───── Source data

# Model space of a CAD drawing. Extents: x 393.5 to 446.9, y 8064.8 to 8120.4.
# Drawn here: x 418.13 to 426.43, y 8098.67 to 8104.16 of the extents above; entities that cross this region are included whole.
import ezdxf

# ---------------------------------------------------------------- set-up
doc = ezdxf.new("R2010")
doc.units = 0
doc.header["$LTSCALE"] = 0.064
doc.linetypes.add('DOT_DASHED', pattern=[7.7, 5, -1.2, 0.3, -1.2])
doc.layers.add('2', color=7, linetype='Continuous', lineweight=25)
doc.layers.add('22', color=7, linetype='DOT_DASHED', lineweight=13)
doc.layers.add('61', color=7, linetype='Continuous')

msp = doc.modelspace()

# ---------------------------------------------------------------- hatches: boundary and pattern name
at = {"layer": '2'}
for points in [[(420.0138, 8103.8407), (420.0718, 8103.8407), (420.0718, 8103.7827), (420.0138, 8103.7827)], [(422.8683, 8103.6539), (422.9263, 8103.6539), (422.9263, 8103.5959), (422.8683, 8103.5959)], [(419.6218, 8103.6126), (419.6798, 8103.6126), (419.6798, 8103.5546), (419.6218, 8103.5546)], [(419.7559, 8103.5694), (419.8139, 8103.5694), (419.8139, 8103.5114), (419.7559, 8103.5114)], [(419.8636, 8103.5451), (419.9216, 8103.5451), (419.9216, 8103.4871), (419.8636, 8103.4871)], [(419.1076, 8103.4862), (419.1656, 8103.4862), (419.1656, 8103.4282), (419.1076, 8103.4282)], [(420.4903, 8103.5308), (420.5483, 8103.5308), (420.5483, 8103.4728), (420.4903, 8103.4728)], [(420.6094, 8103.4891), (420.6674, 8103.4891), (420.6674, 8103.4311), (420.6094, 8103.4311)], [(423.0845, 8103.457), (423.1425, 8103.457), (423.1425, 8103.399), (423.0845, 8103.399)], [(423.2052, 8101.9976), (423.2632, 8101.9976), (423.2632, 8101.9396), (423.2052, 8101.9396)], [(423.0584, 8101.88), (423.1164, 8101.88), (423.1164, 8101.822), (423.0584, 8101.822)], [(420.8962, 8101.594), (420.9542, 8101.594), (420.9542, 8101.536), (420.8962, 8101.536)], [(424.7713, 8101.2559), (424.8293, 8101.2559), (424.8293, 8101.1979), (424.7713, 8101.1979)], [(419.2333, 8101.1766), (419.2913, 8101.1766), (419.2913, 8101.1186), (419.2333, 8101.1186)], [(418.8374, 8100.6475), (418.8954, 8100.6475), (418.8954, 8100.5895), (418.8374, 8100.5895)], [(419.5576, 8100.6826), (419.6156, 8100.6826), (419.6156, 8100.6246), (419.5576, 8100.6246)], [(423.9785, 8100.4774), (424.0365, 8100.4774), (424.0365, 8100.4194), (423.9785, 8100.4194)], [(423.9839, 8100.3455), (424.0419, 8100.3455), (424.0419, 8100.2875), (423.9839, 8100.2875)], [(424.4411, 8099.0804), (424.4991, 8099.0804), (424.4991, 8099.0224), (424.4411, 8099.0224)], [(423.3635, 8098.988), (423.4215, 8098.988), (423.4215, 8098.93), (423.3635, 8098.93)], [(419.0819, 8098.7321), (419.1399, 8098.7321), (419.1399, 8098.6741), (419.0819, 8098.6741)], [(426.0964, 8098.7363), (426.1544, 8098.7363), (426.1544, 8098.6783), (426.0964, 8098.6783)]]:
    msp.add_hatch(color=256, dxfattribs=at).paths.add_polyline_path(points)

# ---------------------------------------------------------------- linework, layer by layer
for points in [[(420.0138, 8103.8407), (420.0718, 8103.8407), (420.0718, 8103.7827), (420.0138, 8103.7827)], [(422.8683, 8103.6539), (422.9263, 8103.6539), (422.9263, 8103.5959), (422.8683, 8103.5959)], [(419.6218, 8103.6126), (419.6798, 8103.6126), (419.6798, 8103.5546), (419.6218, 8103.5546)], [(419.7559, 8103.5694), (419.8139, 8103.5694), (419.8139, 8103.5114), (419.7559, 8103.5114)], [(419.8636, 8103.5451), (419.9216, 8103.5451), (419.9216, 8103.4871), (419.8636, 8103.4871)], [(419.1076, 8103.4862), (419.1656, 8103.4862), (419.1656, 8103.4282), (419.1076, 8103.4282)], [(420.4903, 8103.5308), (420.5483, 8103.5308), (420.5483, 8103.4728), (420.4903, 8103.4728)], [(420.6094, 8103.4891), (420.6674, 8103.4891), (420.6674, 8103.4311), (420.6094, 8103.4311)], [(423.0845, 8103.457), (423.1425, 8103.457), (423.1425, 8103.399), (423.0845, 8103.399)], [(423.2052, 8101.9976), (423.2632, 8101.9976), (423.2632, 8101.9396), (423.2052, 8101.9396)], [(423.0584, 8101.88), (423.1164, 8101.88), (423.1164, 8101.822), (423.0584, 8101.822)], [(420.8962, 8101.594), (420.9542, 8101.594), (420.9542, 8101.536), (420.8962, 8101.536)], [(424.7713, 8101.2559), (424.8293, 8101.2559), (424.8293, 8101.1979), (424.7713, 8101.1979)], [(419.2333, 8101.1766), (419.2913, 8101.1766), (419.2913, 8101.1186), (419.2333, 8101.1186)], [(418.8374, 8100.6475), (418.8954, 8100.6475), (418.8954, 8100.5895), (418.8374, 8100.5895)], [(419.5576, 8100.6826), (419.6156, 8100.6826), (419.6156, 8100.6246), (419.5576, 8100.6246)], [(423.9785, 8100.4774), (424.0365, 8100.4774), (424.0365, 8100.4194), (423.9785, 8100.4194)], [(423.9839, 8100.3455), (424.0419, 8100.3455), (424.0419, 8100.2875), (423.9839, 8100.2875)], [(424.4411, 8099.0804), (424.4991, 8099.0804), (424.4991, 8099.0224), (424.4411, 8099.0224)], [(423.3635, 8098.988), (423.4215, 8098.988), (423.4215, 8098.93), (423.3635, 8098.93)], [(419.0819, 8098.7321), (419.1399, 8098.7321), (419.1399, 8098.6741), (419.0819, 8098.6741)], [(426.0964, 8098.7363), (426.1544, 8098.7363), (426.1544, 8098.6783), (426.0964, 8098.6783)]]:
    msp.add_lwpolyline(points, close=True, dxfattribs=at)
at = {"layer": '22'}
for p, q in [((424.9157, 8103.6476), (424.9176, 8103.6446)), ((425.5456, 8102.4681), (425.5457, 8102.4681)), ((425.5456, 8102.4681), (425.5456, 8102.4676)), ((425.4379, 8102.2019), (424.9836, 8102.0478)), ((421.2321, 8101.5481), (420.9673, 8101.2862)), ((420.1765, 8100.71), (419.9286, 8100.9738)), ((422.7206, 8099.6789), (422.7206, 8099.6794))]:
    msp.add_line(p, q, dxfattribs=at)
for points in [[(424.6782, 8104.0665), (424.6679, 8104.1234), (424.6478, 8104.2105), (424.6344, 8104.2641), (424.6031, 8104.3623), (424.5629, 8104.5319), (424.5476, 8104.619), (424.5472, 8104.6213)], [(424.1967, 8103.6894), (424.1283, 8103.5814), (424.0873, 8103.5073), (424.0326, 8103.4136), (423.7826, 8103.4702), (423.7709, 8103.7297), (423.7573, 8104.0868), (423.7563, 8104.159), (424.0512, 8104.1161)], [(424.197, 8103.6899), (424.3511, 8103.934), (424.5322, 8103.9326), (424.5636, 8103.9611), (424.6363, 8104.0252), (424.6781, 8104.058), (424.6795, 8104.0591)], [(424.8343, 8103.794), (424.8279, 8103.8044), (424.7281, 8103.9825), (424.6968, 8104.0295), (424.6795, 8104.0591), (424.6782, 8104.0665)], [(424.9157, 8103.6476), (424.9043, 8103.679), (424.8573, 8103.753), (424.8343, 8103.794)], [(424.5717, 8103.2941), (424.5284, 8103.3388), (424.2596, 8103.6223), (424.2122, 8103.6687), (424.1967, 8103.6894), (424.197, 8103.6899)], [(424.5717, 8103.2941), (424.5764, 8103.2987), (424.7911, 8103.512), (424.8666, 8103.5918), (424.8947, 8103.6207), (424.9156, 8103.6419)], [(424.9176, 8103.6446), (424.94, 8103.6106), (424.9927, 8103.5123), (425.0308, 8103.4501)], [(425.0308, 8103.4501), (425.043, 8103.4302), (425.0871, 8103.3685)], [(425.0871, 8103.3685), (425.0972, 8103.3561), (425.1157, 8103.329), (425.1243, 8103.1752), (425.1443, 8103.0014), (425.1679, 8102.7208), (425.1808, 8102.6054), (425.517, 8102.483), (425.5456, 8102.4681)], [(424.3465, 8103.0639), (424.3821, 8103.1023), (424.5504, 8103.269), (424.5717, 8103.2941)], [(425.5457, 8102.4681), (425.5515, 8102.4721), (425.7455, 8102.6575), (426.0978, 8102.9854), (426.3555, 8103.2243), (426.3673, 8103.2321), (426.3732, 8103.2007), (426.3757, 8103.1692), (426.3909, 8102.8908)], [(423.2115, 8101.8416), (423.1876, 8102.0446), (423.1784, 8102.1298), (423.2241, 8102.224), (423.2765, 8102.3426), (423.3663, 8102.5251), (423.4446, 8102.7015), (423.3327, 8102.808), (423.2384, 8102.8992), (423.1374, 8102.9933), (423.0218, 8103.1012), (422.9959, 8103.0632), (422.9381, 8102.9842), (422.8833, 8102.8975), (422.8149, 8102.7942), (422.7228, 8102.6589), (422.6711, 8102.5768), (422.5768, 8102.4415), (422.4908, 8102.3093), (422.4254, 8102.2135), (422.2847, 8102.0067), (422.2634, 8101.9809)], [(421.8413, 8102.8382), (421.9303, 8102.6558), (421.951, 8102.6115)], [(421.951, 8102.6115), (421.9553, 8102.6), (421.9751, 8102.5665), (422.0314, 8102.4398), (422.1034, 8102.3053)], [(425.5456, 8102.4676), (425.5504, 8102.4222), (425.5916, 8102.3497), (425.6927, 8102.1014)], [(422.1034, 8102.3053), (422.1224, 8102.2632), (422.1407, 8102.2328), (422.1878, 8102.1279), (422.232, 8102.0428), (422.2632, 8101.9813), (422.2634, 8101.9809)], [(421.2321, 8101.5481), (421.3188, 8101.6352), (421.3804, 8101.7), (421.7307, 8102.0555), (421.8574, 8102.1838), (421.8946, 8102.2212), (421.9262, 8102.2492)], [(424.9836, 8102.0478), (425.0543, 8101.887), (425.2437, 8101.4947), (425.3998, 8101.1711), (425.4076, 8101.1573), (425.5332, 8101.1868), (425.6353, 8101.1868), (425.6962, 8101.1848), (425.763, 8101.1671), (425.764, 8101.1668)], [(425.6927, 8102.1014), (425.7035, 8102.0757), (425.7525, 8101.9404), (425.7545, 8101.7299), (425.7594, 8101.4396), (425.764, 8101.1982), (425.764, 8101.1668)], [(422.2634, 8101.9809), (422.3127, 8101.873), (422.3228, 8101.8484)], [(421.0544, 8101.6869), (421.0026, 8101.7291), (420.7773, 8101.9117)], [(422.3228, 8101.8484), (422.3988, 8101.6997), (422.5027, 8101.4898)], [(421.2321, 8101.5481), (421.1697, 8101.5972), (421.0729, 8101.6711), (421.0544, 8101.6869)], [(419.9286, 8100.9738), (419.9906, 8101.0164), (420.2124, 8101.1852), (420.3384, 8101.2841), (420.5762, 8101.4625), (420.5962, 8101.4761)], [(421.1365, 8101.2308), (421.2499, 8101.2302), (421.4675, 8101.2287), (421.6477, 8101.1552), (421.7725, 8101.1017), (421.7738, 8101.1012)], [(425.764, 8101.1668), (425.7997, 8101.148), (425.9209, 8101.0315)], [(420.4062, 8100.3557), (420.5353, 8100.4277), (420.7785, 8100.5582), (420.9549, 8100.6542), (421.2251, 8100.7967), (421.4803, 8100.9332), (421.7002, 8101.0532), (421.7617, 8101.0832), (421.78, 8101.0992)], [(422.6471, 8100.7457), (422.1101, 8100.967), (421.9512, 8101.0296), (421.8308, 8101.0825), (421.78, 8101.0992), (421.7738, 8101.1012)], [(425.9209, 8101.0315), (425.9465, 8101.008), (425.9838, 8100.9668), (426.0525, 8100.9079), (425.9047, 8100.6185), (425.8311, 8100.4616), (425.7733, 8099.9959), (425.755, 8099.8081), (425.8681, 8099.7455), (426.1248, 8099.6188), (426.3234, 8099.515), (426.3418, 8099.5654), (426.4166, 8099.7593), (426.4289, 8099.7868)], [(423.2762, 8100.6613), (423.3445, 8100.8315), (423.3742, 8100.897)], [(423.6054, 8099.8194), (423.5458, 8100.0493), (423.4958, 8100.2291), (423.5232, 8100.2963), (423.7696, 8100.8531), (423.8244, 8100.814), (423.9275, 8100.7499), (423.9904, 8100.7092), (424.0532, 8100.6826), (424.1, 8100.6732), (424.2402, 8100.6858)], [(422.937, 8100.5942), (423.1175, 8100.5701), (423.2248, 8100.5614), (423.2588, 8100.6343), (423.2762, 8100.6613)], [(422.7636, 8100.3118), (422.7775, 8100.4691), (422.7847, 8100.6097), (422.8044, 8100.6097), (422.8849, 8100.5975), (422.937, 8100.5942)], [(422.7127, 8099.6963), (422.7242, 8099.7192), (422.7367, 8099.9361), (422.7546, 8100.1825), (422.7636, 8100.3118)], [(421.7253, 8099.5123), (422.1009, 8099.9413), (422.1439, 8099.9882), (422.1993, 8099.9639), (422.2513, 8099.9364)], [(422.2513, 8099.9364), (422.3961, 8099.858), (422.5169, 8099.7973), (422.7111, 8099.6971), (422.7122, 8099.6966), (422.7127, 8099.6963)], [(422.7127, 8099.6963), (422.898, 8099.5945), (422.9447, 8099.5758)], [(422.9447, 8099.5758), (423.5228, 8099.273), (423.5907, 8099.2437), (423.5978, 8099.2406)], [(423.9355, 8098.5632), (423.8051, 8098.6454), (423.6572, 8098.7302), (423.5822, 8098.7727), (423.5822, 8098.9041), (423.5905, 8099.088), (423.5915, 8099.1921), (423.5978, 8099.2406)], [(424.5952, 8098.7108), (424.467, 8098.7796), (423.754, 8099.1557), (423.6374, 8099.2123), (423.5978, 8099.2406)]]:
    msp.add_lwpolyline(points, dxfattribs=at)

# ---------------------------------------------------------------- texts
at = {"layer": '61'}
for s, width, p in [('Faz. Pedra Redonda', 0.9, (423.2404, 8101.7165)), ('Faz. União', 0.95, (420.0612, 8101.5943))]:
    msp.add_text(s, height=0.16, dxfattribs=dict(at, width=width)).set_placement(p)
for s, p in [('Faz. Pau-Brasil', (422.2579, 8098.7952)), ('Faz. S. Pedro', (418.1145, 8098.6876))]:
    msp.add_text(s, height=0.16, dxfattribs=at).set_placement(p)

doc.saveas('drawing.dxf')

──────────

• _Directions_:
From the first line of the entries above to the line with "import ezdxf", please return every line exactly, keeping both ends.

• _Finished exercise_:
# Model space of a CAD drawing. Extents: x 393.5 to 446.9, y 8064.8 to 8120.4.
# Drawn here: x 418.13 to 426.43, y 8098.67 to 8104.16 of the extents above; entities that cross this region are included whole.
import ezdxf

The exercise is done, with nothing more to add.